■ YOUR ASSIGNMENT ■
Examine the records below. Report how many of their lines contain the word "source", with no other content.

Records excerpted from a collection

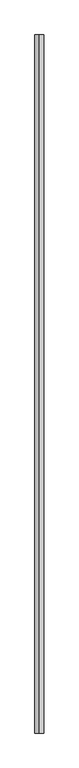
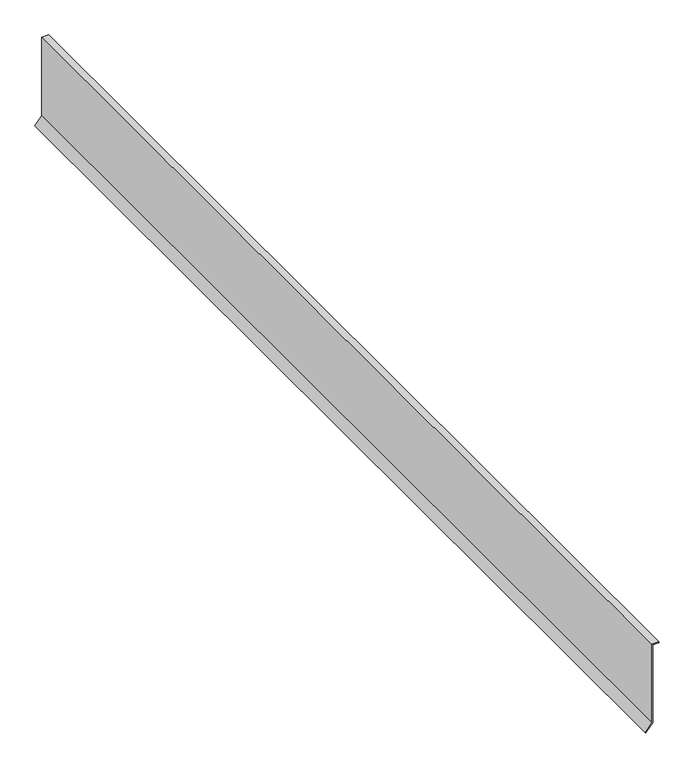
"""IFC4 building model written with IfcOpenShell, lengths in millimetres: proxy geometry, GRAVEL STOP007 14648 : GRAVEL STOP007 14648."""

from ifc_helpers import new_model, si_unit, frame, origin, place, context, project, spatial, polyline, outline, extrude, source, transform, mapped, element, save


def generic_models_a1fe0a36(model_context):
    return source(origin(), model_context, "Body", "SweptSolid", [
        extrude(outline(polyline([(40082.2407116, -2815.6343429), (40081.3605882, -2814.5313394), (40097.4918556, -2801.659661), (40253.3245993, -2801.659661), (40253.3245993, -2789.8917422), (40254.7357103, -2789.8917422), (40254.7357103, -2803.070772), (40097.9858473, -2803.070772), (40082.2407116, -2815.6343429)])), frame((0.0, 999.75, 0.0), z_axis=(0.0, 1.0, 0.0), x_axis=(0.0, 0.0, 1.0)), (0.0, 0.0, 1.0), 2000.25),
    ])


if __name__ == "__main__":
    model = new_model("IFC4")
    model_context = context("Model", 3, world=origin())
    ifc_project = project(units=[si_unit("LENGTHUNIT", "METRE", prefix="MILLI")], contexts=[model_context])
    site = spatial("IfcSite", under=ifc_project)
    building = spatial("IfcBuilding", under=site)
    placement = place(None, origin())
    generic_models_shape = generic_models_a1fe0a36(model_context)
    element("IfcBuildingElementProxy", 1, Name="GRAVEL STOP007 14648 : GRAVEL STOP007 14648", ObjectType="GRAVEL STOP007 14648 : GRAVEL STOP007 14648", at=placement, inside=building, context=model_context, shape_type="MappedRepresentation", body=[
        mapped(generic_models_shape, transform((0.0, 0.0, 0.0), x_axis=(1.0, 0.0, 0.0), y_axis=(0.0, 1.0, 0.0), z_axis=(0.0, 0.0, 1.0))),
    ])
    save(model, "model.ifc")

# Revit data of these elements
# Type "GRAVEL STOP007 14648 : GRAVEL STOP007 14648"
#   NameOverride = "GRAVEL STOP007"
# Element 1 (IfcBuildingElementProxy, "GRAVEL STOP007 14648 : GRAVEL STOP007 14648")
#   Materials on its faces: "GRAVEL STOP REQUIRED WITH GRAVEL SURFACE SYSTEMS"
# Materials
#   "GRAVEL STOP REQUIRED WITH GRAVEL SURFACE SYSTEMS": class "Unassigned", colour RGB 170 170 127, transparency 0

■ ANSWER FOR THE TASK ■
2